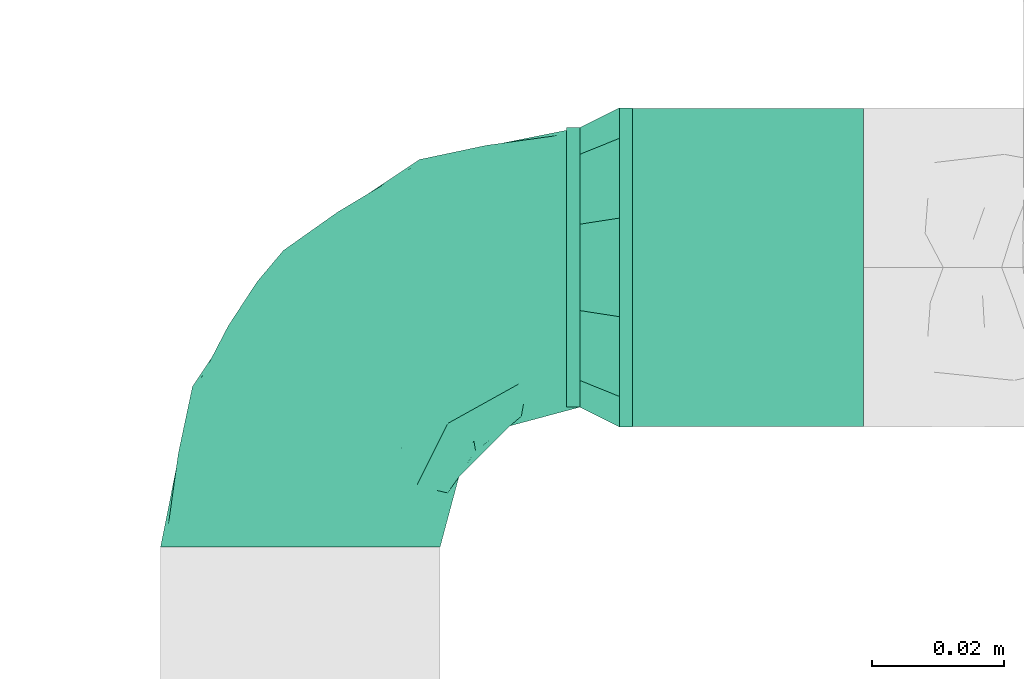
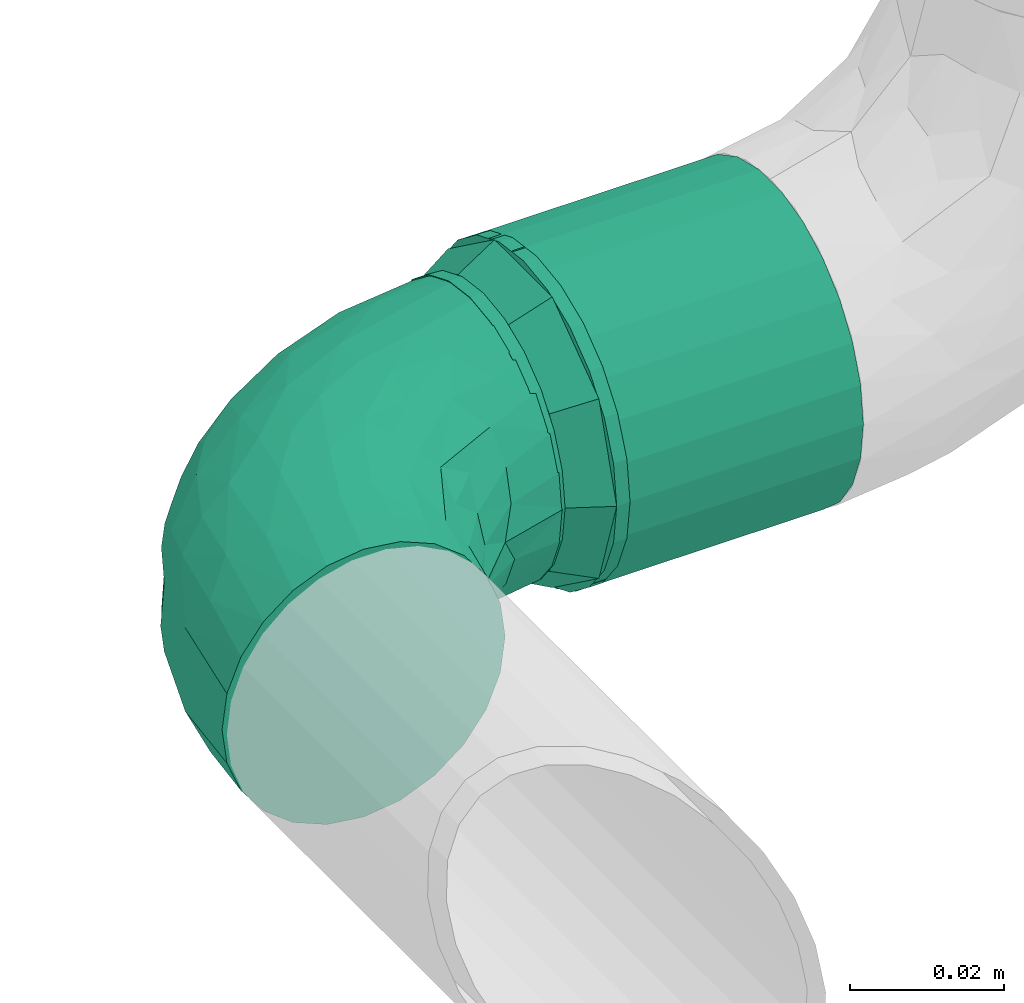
# One storey, part 25 of 43: 2 flow fittings, 1 flow segment.
"""IFC2X3 building model written with IfcOpenShell, lengths in millimetres."""

from ifc_helpers import new_model, entity, si_unit, converted_unit, derived_unit, direction, frame, origin_with_axes, origin_2d_with_axis, place, context, subcontext, project, spatial, hollow_circle, extrude, open_shell, surface_model, source, transform, mapped, type_object, element, save


model = new_model("IFC2X3")

# Units and contexts
model_context = context("Model", 3, precision=0.01, world=frame((0.0, 4.29681676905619e-09, 0.0)), true_north=direction((4.01073788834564e-13, 1.0)))
plan_context = context("Plan", 3, precision=0.01, world=frame((0.0, 4.29681676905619e-09, 0.0)), true_north=direction((4.01073788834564e-13, 1.0)))
body_context = subcontext(model_context, "Body", "Model", "MODEL_VIEW")
ifc_project = project(units=[converted_unit("PLANEANGLEUNIT", "DEGREE", entity("IfcPositiveLengthMeasure", 0.0174532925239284), si_unit("PLANEANGLEUNIT", "RADIAN"), dimensions=[0, 0, 0, 0, 0, 0, 0]), si_unit("AREAUNIT", "SQUARE_METRE"), si_unit("LENGTHUNIT", "METRE", prefix="MILLI"), si_unit("MASSUNIT", "GRAM", prefix="KILO"), si_unit("POWERUNIT", "WATT"), si_unit("PRESSUREUNIT", "PASCAL"), si_unit("FORCEUNIT", "NEWTON", prefix="KILO"), si_unit("ELECTRICVOLTAGEUNIT", "VOLT"), si_unit("ELECTRICCURRENTUNIT", "AMPERE"), si_unit("THERMODYNAMICTEMPERATUREUNIT", "DEGREE_CELSIUS"), si_unit("TIMEUNIT", "SECOND"), si_unit("VOLUMEUNIT", "CUBIC_METRE"), derived_unit("LINEARVELOCITYUNIT", [(si_unit("LENGTHUNIT", "METRE"), 1), (si_unit("TIMEUNIT", "SECOND"), -1)]), derived_unit("VOLUMETRICFLOWRATEUNIT", [(si_unit("VOLUMEUNIT", "CUBIC_METRE"), 1), (si_unit("TIMEUNIT", "SECOND"), -1)]), derived_unit("THERMALTRANSMITTANCEUNIT", [(si_unit("POWERUNIT", "WATT"), 1), (si_unit("THERMODYNAMICTEMPERATUREUNIT", "KELVIN"), -1), (si_unit("AREAUNIT", "SQUARE_METRE"), -1)]), derived_unit("SOUNDPRESSUREUNIT", [(si_unit("PRESSUREUNIT", "PASCAL"), 1)])], contexts=[model_context, plan_context])

# Site, building, storey
site_placement = place(None, frame((0.0, -4.29681676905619e-09, 0.0), z_axis=(0.0, 0.0, 1.0), x_axis=(1.0, 0.0, 0.0)))
site = spatial("IfcSite", under=ifc_project, at=site_placement, CompositionType="ELEMENT")
building_placement = place(site_placement, frame((0.0, 4.29681676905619e-09, 0.0), z_axis=(0.0, 0.0, 1.0), x_axis=(1.0, 0.0, 0.0)))
building = spatial("IfcBuilding", under=site, at=building_placement, Name="mc-building", CompositionType="ELEMENT")
storey_placement = place(building_placement, frame((0.0, 0.0, 210900.0), z_axis=(0.0, 0.0, 1.0), x_axis=(1.0, 0.0, 0.0)))
storey = spatial("IfcBuildingStorey", under=building, at=storey_placement, Name="Nivå F", CompositionType="ELEMENT", Elevation=210900.0)

# Flow fittings
pipe_fitting_type_1 = type_object("IfcPipeFittingType", Name="magi_pipe_fe_elbow_short_001", PredefinedType="BEND")
shared_shape_1 = source(origin_with_axes(), body_context, "Body", "SurfaceModel", [
    surface_model("IfcShellBasedSurfaceModel", [(-42.4, 10.6, -18.35974), (-42.4, 5.48696, -20.47763), (-42.4, 0.0, -21.2), (-42.4, 14.99066, -14.99066), (-42.4, 20.47763, -5.48696), (-42.4, 18.35974, -10.6), (-42.4, -14.99066, 14.99066), (-42.4, -21.2, 0.0), (-42.4, -10.6, -18.35974), (-42.4, -14.99066, -14.99066), (-42.4, -5.48696, -20.47763), (-42.4, -18.35974, -10.6), (-42.4, -20.47763, -5.48696), (-42.4, 10.6, 18.35974), (-42.4, 20.47763, 5.48696), (-42.4, 18.35974, 10.6), (-42.4, 14.99066, 14.99066), (-42.4, 5.48696, 20.47763), (-42.4, 0.0, 21.2), (-42.4, -20.47763, 5.48696), (-42.4, -18.35974, 10.6), (-42.4, -10.6, 18.35974), (-42.4, -5.48696, 20.47763), (-42.4, 21.2, 0.0), (0.0, 42.4, -21.2), (-5.48696, 42.4, -20.47763), (-10.6, 42.4, -18.35974), (-14.99066, 42.4, -14.99066), (-18.35974, 42.4, -10.6), (-20.47763, 42.4, -5.48696), (21.2, 42.4, 0.0), (5.48696, 42.4, -20.47763), (14.99066, 42.4, -14.99066), (10.6, 42.4, -18.35974), (18.35974, 42.4, -10.6), (20.47763, 42.4, -5.48696), (14.99066, 42.4, 14.99066), (-20.47763, 42.4, 5.48696), (-10.6, 42.4, 18.35974), (-14.99066, 42.4, 14.99066), (-18.35974, 42.4, 10.6), (-5.48696, 42.4, 20.47763), (0.0, 42.4, 21.2), (18.35974, 42.4, 10.6), (20.47763, 42.4, 5.48696), (5.48696, 42.4, 20.47763), (10.6, 42.4, 18.35974), (-21.2, 42.4, 0.0), (-31.10239, -16.47009, 11.90111), (-27.83957, -12.231, 15.79732), (-30.23067, -18.77937, 0.0), (-18.74048, -13.50096, 10.69998), (-28.17586, -18.50359, 6.61185), (18.50359, 28.17586, 6.61185), (14.95929, 16.60735, 5.43468), (16.35874, 18.06133, 0.0), (-20.72313, 33.83635, 9.21426), (-17.70981, 33.00599, 13.92769), (-31.16033, -8.01664, 19.07348), (-32.38682, -2.80842, 20.83743), (-29.68688, 3.24967, 21.16387), (-7.74467, -9.46536, 0.0), (-16.60735, -14.95929, 5.43468), (-18.06133, -16.35874, 0.0), (-16.37932, -5.14532, 17.61254), (-21.10659, -0.19025, 20.54817), (-1.82445, -3.58377, 9.55223), (-0.35533, 0.43745, 12.66367), (-7.20655, -5.07682, 13.06146), (-33.14056, 17.6728, 13.91288), (-7.36799, 20.84806, 21.16196), (-15.70315, 15.70315, 20.68489), (-12.62356, 9.26422, 21.0908), (-36.67879, 12.83836, 17.27427), (-7.91358, 36.5686, 19.85759), (-2.90555, 31.71221, 21.14793), (-33.84689, 20.71971, 9.21285), (-33.51649, 22.58113, 4.66115), (-26.3226, 26.3226, 7.92474), (-32.67995, 8.31454, 20.02643), (-5.53379, 14.19921, 20.81623), (-10.53385, 3.88918, 19.79653), (-2.16577, 11.45378, 19.48254), (-3.78693, 3.78693, 17.3328), (12.231, 27.83957, 15.79732), (13.50096, 18.74047, 10.69998), (16.47009, 31.10239, 11.90111), (-22.53806, 14.38475, 19.60876), (-23.29615, 9.08095, 20.82061), (2.80842, 32.38682, 20.83743), (8.01664, 31.16033, 19.07348), (5.14532, 16.37932, 17.61254), (18.77937, 30.23067, 0.0), (-20.80278, 5.19491, 21.19095), (-19.62579, 22.38752, 17.42006), (-29.19336, 14.39093, 17.85259), (-22.31569, 34.20044, 4.54807), (-26.56962, 27.80621, 3.73106), (9.67657, 17.17133, 14.49993), (-24.04026, 31.8, 0.0), (-9.16861, 28.72652, 20.19004), (-12.09761, 21.9456, 20.37969), (-15.36991, 27.40112, 17.818), (-16.88976, 20.52477, 19.2896), (-12.95169, 35.54896, 17.36222), (-17.17133, -9.67657, 14.49993), (-21.98655, 28.10245, 11.99898), (-22.34699, 23.67592, 15.01692), (-27.22822, 22.77969, 11.82161), (0.19025, 21.10658, 20.54817), (4.8276, 7.36347, 13.42842), (-10.06209, -9.46364, 9.95114), (1.25876, -2.7536, 5.73797), (6.43781, 3.77591, 7.40371), (6.57528, 2.20066, 3.17705), (10.91934, 8.84313, 5.00748), (10.64415, 10.99764, 8.89767), (-31.8, 24.04026, 0.0), (-5.71381, -8.43063, 6.15529), (2.57199, -2.57199, 0.0), (9.46536, 7.74467, 0.0), (-17.17133, -9.67657, -14.49993), (-27.83957, -12.231, -15.79732), (-16.37932, -5.14532, -17.61254), (-18.74048, -13.50096, -10.69998), (-33.00599, 17.70981, -13.92769), (-35.54896, 12.95169, -17.36222), (-34.20044, 22.31569, -4.54807), (-28.17586, -18.50359, -6.61185), (-26.3226, 26.3226, -7.92474), (-33.83635, 20.72313, -9.21426), (-16.60735, -14.95929, -5.43468), (-20.52477, 16.88976, -19.2896), (-21.9456, 12.0976, -20.37969), (-27.40112, 15.36991, -17.818), (-12.83836, 36.67879, -17.27427), (-17.6728, 33.14056, -13.91288), (8.01664, 31.16033, -19.07348), (5.14532, 16.37932, -17.61254), (0.19025, 21.10658, -20.54817), (-36.5686, 7.91358, -19.85759), (-31.10239, -16.47009, -11.90111), (-31.16033, -8.01664, -19.07348), (-14.38475, 22.53806, -19.60876), (-8.31454, 32.67995, -20.02643), (-9.08095, 23.29615, -20.82061), (-32.38682, -2.80842, -20.83743), (-20.84806, 7.36799, -21.16196), (-15.70315, 15.70314, -20.68489), (-9.26422, 12.62356, -21.0908), (-31.71221, 2.90555, -21.14793), (-22.58113, 33.51649, -4.66115), (-20.71971, 33.84689, -9.21285), (-28.72652, 9.16861, -20.19004), (-27.80621, 26.56962, -3.73106), (-5.19491, 20.80278, -21.19095), (-22.38752, 19.62579, -17.42006), (-14.39093, 29.19336, -17.85259), (2.80842, 32.38682, -20.83743), (-3.24967, 29.68688, -21.16387), (16.47009, 31.10239, -11.90111), (12.231, 27.83957, -15.79732), (6.57528, 2.20067, -3.17705), (10.91934, 8.84313, -5.00749), (-14.19921, 5.53379, -20.81623), (-3.88918, 10.53385, -19.79653), (-11.45378, 2.16577, -19.48254), (1.25876, -2.7536, -5.73797), (-5.71381, -8.43063, -6.15529), (-1.82445, -3.58377, -9.55223), (13.50096, 18.74048, -10.69998), (18.50359, 28.17586, -6.61185), (14.95929, 16.60735, -5.43468), (-28.10245, 21.98655, -11.99898), (9.67657, 17.17133, -14.49993), (10.64415, 10.99764, -8.89767), (4.8276, 7.36347, -13.42842), (-23.67592, 22.34699, -15.01692), (-22.77969, 27.22822, -11.82161), (-21.10658, -0.19025, -20.54817), (-3.78693, 3.78693, -17.3328), (-7.20655, -5.07682, -13.06146), (-10.06209, -9.46364, -9.95113), (-0.35533, 0.43745, -12.66367), (6.43781, 3.77591, -7.40371)], [open_shell([[[0, 1, 2]], [[3, 0, 2]], [[4, 5, 3]], [[2, 4, 3]], [[6, 2, 7]], [[8, 9, 10]], [[11, 10, 9]], [[12, 7, 11]], [[2, 10, 11]], [[11, 7, 2]], [[6, 4, 2]], [[13, 14, 4]], [[15, 14, 16]], [[4, 6, 13]], [[16, 14, 13]], [[17, 13, 18]], [[19, 20, 7]], [[7, 20, 6]], [[21, 22, 6]], [[18, 6, 22]], [[6, 18, 13]], [[23, 4, 14]], [[24, 25, 26]], [[24, 26, 27]], [[27, 28, 29]], [[27, 29, 24]], [[24, 29, 30]], [[31, 32, 33]], [[31, 24, 32]], [[34, 30, 35]], [[32, 24, 34]], [[24, 30, 34]], [[29, 36, 30]], [[29, 37, 38]], [[39, 37, 40]], [[36, 29, 38]], [[38, 37, 39]], [[41, 42, 38]], [[30, 43, 44]], [[36, 43, 30]], [[36, 45, 46]], [[45, 36, 42]], [[38, 42, 36]], [[37, 29, 47]], [[6, 48, 49]], [[19, 7, 50]], [[51, 48, 52]], [[53, 54, 55]], [[48, 6, 20]], [[19, 52, 20]], [[40, 56, 57]], [[49, 21, 6]], [[49, 58, 21]], [[18, 59, 60]], [[61, 62, 63]], [[58, 64, 65]], [[66, 67, 68]], [[15, 16, 69]], [[70, 71, 72]], [[13, 73, 16]], [[22, 59, 18]], [[41, 74, 75]], [[18, 60, 17]], [[15, 69, 76]], [[16, 73, 69]], [[23, 14, 77]], [[14, 15, 76]], [[77, 76, 78]], [[17, 79, 13]], [[80, 81, 82]], [[68, 83, 64]], [[84, 36, 46]], [[85, 86, 84]], [[87, 79, 88]], [[21, 58, 22]], [[42, 89, 45]], [[53, 44, 43]], [[42, 41, 75]], [[84, 90, 91]], [[43, 86, 53]], [[92, 44, 53]], [[86, 43, 36]], [[90, 46, 45]], [[53, 55, 92]], [[88, 93, 72]], [[54, 53, 85]], [[87, 94, 95]], [[78, 96, 97]], [[98, 84, 91]], [[99, 96, 47]], [[79, 17, 60]], [[96, 78, 56]], [[62, 52, 63]], [[57, 39, 40]], [[100, 70, 75]], [[101, 102, 103]], [[19, 50, 52]], [[104, 38, 39]], [[74, 41, 38]], [[57, 102, 104]], [[105, 64, 49]], [[90, 84, 46]], [[40, 37, 56]], [[56, 106, 57]], [[102, 57, 107]], [[95, 107, 69]], [[76, 108, 78]], [[100, 101, 70]], [[89, 75, 109]], [[64, 58, 49]], [[63, 52, 50]], [[59, 58, 65]], [[105, 49, 51]], [[64, 83, 81]], [[89, 90, 45]], [[30, 44, 92]], [[109, 82, 91]], [[109, 91, 90]], [[91, 83, 110]], [[111, 68, 105]], [[66, 68, 111]], [[62, 51, 52]], [[66, 112, 113]], [[114, 115, 113]], [[98, 85, 84]], [[52, 48, 20]], [[49, 48, 51]], [[84, 86, 36]], [[53, 86, 85]], [[88, 79, 60]], [[73, 79, 95]], [[96, 56, 37]], [[78, 108, 106]], [[87, 103, 94]], [[100, 74, 104]], [[108, 69, 107]], [[78, 97, 77]], [[88, 72, 71]], [[109, 75, 70]], [[81, 72, 65]], [[70, 72, 80]], [[75, 89, 42]], [[90, 89, 109]], [[58, 59, 22]], [[60, 59, 65]], [[67, 83, 68]], [[110, 113, 116]], [[88, 60, 93]], [[87, 88, 71]], [[103, 87, 71]], [[79, 87, 95]], [[101, 103, 71]], [[94, 103, 102]], [[47, 96, 37]], [[96, 99, 97]], [[99, 117, 97]], [[97, 117, 77]], [[23, 77, 117]], [[14, 76, 77]], [[60, 65, 93]], [[65, 72, 93]], [[70, 101, 71]], [[102, 101, 100]], [[69, 108, 76]], [[106, 108, 107]], [[57, 106, 107]], [[78, 106, 56]], [[57, 104, 39]], [[100, 104, 102]], [[102, 107, 94]], [[95, 94, 107]], [[64, 81, 65]], [[82, 81, 83]], [[91, 82, 83]], [[80, 82, 109]], [[70, 80, 109]], [[81, 80, 72]], [[79, 73, 13]], [[69, 73, 95]], [[104, 74, 38]], [[75, 74, 100]], [[62, 61, 118]], [[111, 62, 118]], [[113, 115, 116]], [[119, 118, 61]], [[111, 105, 51]], [[113, 112, 114]], [[120, 55, 54]], [[68, 64, 105]], [[91, 110, 98]], [[116, 98, 110]], [[62, 111, 51]], [[66, 111, 118]], [[112, 66, 118]], [[67, 113, 110]], [[118, 119, 112]], [[114, 112, 119]], [[119, 120, 114]], [[115, 120, 54]], [[120, 115, 114]], [[116, 54, 85]], [[54, 116, 115]], [[116, 85, 98]], [[113, 67, 66]], [[83, 67, 110]], [[121, 122, 123]], [[122, 121, 124]], [[5, 125, 3]], [[3, 126, 0]], [[117, 127, 23]], [[50, 12, 128]], [[127, 129, 130]], [[128, 131, 63]], [[132, 133, 134]], [[27, 135, 136]], [[137, 138, 139]], [[0, 140, 1]], [[128, 11, 141]], [[142, 8, 10]], [[128, 63, 50]], [[5, 4, 130]], [[11, 9, 141]], [[143, 144, 145]], [[146, 10, 2]], [[147, 148, 149]], [[11, 128, 12]], [[124, 141, 122]], [[150, 2, 1]], [[151, 152, 129]], [[125, 134, 126]], [[153, 147, 150]], [[127, 154, 129]], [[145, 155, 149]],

## What to work on
Only lines with the word "Body" are wanted, so copy each one from the records.

## Task answer
body_context = subcontext(model_context, "Body", "Model", "MODEL_VIEW")
shared_shape_1 = source(origin_with_axes(), body_context, "Body", "SurfaceModel", [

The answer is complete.